[Dataset entries]
..........
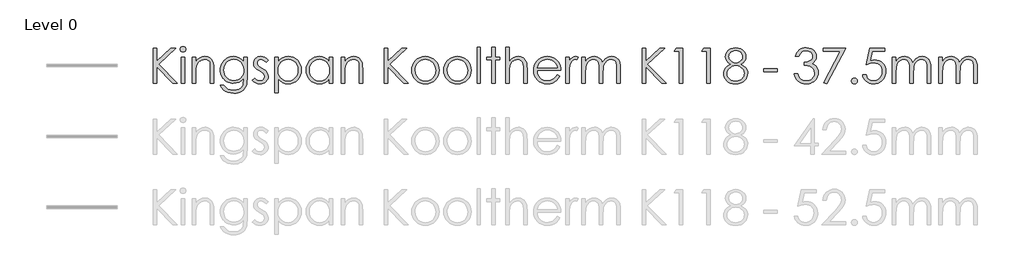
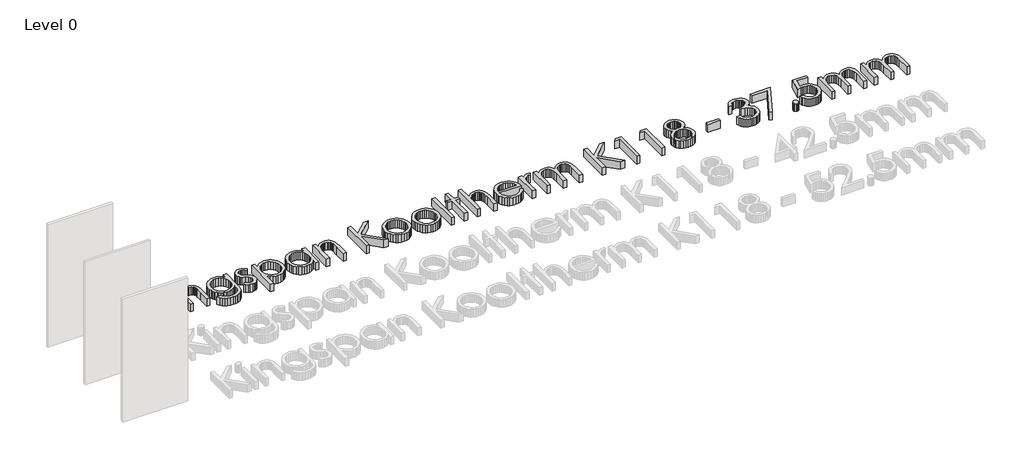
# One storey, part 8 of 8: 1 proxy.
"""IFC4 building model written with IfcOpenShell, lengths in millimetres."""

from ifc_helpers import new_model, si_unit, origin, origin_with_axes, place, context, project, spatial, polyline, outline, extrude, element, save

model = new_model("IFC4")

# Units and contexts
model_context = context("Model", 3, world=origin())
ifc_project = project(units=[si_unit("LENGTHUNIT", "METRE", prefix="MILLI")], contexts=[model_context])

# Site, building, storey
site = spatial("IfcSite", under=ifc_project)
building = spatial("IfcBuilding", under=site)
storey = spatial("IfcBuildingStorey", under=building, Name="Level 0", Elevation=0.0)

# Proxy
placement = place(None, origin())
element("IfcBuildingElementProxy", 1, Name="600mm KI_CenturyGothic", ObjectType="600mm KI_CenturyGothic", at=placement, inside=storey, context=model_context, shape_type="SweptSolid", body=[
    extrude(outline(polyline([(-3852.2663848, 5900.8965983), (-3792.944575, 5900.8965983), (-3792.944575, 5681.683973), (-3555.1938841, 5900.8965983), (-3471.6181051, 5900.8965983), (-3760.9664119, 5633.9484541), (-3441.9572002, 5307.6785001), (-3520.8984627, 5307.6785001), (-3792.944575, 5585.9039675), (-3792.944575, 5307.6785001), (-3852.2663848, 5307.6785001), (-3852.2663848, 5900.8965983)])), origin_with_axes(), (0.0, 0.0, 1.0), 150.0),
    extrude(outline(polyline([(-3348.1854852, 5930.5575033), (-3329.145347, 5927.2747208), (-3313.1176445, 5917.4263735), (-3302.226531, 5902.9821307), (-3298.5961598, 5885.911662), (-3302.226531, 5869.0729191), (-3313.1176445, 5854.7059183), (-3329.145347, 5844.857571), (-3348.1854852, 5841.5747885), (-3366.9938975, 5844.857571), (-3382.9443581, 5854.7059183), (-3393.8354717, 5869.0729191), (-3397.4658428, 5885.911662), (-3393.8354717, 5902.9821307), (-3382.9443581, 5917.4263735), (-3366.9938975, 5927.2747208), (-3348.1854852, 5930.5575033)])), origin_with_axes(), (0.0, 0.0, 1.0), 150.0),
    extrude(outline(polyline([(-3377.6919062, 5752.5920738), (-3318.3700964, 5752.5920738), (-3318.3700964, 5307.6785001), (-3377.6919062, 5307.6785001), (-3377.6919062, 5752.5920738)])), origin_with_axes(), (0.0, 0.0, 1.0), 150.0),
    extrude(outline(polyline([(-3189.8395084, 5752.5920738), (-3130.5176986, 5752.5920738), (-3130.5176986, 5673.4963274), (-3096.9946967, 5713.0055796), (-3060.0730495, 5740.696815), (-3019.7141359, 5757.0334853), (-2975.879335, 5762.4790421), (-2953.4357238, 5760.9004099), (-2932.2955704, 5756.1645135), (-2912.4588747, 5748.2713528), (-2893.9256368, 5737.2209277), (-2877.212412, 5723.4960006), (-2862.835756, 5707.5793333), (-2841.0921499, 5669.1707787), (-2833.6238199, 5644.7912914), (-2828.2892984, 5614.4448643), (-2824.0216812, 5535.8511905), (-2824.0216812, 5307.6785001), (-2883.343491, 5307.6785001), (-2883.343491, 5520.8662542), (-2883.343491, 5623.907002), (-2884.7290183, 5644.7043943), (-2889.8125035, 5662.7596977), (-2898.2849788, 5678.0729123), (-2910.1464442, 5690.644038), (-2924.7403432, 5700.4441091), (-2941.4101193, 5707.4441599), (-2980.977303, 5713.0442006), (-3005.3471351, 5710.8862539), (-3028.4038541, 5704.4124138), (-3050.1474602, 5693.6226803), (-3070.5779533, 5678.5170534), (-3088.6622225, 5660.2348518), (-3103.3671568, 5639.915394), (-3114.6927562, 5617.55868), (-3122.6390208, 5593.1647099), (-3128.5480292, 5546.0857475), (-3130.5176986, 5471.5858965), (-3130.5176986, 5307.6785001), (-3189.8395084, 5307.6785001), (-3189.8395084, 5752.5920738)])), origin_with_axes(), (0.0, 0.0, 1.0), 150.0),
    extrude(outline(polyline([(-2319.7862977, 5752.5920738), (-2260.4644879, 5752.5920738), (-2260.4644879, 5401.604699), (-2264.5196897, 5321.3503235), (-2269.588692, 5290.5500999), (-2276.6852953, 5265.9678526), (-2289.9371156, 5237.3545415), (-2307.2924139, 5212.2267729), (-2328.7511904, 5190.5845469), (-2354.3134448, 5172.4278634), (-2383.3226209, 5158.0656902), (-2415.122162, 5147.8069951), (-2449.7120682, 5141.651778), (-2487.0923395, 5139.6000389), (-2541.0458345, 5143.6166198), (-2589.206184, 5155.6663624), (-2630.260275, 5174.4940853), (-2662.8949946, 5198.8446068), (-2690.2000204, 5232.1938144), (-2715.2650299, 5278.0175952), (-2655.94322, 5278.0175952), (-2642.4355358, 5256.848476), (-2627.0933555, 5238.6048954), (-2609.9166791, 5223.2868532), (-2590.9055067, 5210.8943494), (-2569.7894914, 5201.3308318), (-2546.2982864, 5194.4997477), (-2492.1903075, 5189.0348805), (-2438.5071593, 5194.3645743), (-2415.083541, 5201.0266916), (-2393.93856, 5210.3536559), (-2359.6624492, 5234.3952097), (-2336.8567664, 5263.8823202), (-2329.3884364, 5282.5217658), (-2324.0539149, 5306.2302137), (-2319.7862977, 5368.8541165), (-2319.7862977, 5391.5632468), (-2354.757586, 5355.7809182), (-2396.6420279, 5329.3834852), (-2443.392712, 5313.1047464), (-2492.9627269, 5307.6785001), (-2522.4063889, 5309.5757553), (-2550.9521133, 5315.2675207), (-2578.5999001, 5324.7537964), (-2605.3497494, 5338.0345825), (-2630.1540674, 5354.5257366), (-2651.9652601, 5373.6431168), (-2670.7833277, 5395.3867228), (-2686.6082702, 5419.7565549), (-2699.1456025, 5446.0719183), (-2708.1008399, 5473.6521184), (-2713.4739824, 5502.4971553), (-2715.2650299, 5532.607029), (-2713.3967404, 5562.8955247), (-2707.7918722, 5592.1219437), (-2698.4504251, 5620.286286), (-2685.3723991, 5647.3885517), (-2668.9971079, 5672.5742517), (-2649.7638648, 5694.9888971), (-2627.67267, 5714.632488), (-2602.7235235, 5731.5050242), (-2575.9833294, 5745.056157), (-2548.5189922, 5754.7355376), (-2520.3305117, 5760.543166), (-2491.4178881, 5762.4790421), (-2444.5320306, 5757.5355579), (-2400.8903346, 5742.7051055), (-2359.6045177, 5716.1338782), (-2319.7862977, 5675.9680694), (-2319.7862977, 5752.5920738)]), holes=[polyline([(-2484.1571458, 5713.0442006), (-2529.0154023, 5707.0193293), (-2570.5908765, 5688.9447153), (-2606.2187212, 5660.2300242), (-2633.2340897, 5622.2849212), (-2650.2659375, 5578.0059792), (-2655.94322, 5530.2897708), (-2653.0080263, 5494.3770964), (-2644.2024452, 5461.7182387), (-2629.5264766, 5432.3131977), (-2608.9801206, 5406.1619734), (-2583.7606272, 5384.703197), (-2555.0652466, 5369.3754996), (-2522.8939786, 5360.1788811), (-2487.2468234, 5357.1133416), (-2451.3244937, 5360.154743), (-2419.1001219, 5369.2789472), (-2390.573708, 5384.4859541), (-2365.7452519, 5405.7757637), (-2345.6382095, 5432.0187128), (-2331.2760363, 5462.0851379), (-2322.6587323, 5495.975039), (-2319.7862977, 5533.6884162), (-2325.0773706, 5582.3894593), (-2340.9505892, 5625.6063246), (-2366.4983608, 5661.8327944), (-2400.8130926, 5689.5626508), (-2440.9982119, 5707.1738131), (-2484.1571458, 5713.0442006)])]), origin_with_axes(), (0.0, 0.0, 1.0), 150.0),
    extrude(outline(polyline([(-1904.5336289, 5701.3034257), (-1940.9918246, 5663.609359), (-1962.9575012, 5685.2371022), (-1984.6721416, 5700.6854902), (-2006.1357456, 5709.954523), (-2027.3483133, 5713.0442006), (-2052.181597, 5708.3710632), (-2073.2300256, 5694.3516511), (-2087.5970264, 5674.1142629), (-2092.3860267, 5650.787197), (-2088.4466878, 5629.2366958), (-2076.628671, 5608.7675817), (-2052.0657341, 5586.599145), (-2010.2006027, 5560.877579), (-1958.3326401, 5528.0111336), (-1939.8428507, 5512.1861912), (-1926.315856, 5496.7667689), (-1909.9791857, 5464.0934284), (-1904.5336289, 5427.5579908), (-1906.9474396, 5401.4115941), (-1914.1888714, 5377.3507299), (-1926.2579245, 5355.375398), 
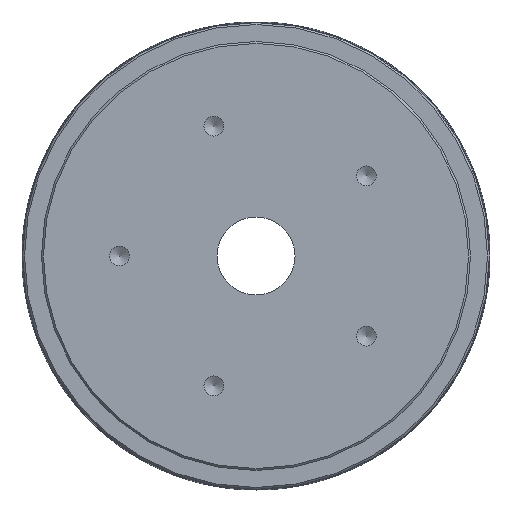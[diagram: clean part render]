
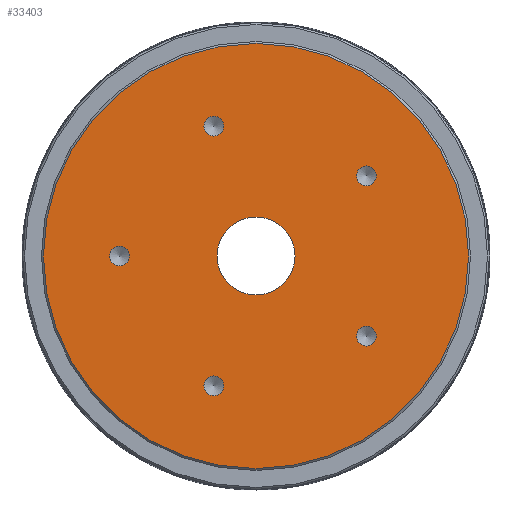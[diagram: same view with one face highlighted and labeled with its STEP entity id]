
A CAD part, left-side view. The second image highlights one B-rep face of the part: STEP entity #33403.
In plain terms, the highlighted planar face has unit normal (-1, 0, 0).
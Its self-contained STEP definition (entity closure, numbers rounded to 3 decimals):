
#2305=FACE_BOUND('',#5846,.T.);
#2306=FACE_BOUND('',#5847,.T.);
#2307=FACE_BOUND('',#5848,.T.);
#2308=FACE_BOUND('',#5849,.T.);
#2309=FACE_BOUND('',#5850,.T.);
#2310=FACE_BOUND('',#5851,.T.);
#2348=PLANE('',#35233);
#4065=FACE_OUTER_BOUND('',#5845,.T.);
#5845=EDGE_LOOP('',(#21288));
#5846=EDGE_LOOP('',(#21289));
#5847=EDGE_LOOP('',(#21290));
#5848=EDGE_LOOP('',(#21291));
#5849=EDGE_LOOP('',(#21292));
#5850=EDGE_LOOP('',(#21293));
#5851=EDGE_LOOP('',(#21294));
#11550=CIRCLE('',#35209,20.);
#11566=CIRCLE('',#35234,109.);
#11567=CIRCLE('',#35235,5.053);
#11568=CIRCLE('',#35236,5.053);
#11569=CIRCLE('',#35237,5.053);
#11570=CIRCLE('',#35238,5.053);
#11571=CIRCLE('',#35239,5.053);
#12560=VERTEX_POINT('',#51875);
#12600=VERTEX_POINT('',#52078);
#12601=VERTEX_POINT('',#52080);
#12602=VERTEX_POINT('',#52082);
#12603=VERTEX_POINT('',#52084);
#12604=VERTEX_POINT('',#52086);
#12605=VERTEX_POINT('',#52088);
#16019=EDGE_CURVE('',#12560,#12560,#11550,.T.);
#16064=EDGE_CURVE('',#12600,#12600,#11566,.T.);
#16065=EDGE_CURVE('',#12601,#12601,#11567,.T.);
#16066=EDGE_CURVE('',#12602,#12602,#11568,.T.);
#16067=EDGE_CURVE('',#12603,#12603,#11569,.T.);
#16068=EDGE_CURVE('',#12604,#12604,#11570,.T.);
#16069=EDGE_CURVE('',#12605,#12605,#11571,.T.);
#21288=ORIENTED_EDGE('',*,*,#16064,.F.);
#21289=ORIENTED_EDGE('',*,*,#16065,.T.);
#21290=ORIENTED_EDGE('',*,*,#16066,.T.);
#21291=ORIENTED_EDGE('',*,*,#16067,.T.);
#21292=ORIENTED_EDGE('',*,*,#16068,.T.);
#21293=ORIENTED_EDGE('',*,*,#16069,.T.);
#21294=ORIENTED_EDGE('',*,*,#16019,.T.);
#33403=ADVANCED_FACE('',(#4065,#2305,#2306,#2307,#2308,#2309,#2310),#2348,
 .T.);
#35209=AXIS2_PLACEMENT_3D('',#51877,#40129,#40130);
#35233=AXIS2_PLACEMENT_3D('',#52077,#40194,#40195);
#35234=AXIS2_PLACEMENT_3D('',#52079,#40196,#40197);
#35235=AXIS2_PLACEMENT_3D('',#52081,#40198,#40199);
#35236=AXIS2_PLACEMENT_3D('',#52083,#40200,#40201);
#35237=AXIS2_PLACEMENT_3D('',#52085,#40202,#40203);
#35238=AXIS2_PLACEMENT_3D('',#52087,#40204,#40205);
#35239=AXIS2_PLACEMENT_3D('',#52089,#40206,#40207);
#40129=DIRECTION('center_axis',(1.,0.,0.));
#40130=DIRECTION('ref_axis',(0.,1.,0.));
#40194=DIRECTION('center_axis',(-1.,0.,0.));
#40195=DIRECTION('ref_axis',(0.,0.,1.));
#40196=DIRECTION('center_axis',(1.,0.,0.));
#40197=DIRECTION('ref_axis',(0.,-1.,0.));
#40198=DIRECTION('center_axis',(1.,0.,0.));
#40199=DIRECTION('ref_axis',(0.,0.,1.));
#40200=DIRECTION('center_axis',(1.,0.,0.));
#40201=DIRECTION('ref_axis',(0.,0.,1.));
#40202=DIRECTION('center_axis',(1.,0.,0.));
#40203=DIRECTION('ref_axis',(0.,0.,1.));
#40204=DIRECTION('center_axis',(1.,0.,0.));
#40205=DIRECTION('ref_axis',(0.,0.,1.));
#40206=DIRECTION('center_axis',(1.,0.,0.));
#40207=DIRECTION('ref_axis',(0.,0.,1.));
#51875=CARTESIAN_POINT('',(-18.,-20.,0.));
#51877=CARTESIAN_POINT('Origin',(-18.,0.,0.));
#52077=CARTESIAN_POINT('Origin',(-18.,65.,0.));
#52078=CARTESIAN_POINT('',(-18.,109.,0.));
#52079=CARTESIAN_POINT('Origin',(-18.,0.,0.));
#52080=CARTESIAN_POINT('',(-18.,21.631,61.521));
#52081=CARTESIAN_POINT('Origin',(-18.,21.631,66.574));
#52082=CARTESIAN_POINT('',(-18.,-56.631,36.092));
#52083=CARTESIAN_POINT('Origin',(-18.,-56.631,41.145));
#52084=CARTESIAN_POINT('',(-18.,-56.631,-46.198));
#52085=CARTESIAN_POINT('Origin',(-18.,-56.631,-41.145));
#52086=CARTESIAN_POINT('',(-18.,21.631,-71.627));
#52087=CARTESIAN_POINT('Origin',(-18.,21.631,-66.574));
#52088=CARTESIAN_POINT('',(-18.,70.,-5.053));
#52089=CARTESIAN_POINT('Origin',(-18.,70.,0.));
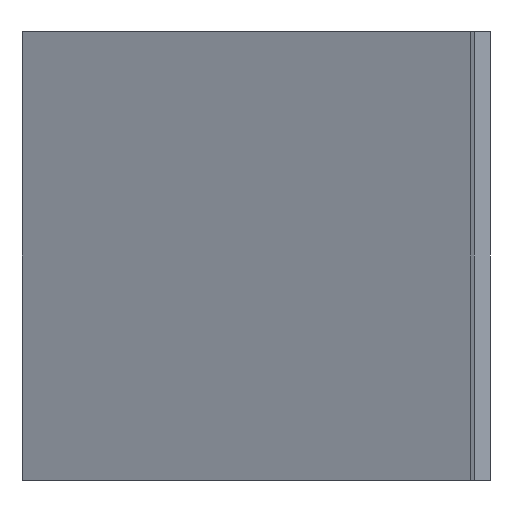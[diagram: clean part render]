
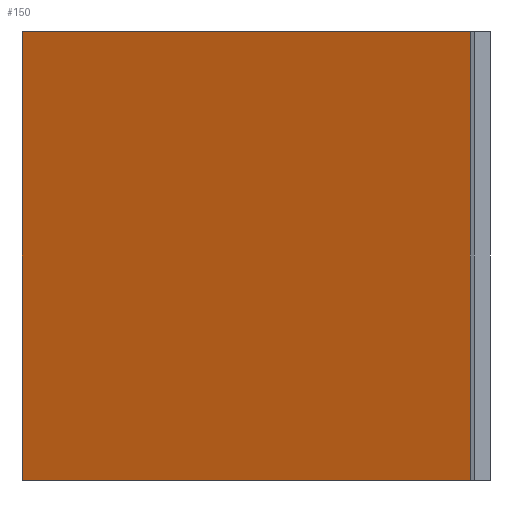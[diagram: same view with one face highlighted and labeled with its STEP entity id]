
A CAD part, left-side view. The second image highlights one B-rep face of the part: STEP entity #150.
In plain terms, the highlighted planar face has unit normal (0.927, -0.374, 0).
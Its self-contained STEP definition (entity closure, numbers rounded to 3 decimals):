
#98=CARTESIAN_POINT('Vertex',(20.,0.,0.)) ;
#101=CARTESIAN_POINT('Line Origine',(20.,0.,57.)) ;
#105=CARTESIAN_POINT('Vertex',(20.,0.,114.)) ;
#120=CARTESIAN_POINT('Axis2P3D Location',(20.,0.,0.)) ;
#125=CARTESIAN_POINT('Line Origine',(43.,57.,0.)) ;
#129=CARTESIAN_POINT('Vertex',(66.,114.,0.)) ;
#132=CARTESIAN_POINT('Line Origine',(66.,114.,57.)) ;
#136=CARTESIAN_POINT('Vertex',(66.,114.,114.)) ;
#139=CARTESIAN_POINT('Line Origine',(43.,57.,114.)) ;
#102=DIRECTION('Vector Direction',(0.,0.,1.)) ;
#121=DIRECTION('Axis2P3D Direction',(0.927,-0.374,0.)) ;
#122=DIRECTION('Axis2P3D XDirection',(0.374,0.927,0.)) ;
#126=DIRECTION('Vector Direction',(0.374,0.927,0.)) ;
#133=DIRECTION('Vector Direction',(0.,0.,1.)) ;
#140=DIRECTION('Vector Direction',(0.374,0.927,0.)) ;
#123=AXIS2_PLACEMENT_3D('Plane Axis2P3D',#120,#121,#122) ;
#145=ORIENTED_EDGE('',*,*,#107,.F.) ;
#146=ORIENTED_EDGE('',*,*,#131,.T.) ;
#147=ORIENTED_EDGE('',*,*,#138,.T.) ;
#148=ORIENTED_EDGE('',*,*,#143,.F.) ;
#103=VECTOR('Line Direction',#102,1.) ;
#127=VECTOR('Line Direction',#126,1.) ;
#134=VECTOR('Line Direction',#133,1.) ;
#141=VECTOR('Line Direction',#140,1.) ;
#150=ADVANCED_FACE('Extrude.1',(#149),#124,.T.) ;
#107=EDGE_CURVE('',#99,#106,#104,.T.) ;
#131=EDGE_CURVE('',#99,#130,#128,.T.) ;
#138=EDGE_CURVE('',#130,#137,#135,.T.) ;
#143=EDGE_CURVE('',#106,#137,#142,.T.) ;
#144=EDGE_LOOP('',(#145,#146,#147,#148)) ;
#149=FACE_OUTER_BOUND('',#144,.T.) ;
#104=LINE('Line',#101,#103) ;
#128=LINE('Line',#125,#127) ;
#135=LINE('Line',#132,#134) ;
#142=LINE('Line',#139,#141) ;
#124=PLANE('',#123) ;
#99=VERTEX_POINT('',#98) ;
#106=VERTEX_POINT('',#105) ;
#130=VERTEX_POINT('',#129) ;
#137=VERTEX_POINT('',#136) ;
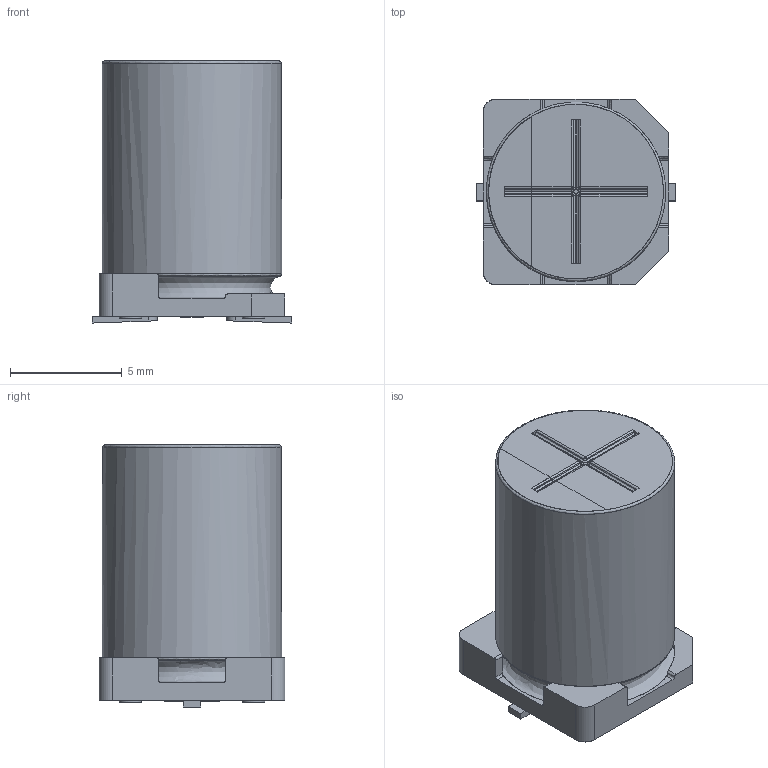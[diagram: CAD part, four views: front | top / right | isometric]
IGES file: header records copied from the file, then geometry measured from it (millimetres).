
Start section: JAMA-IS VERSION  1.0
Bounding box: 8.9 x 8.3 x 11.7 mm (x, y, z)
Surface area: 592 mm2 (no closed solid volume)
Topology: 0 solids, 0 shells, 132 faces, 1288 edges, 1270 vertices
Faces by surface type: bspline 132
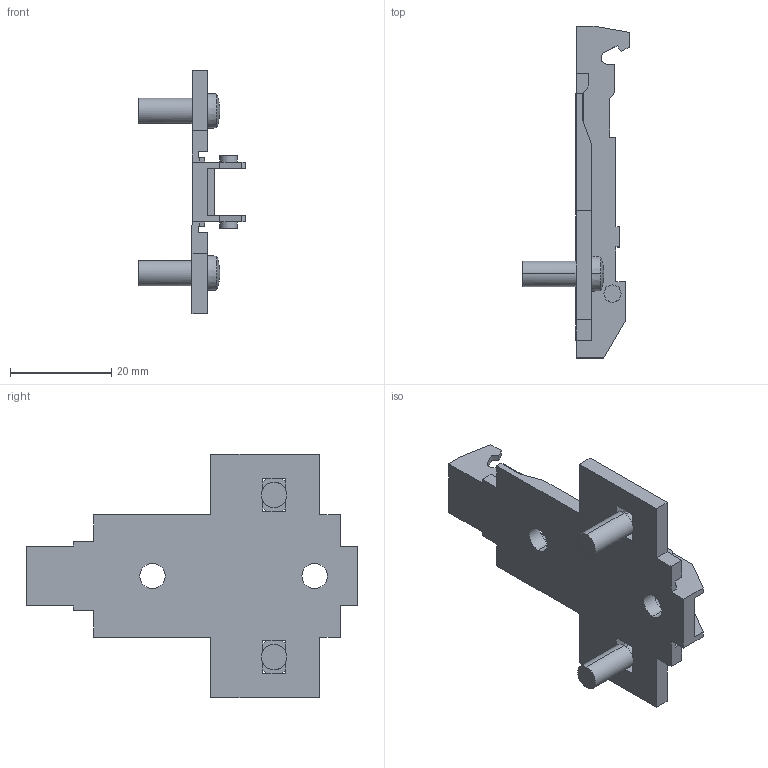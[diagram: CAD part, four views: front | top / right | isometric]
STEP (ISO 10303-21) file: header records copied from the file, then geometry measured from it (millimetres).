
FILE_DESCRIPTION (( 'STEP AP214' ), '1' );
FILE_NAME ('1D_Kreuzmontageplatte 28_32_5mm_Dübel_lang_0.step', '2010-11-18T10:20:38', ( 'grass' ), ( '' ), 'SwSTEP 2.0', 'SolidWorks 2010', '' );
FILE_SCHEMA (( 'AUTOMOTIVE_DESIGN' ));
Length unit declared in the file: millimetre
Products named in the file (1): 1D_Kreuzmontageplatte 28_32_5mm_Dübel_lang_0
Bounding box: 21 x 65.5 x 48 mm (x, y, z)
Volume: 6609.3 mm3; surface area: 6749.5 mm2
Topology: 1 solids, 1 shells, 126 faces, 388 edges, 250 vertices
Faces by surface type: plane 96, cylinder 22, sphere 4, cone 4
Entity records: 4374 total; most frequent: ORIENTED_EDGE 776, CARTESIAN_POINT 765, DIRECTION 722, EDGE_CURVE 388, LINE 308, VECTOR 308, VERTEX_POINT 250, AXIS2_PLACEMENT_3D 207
..........
The answer is a bare number: how many lines of the records contain the string "Topology"?

2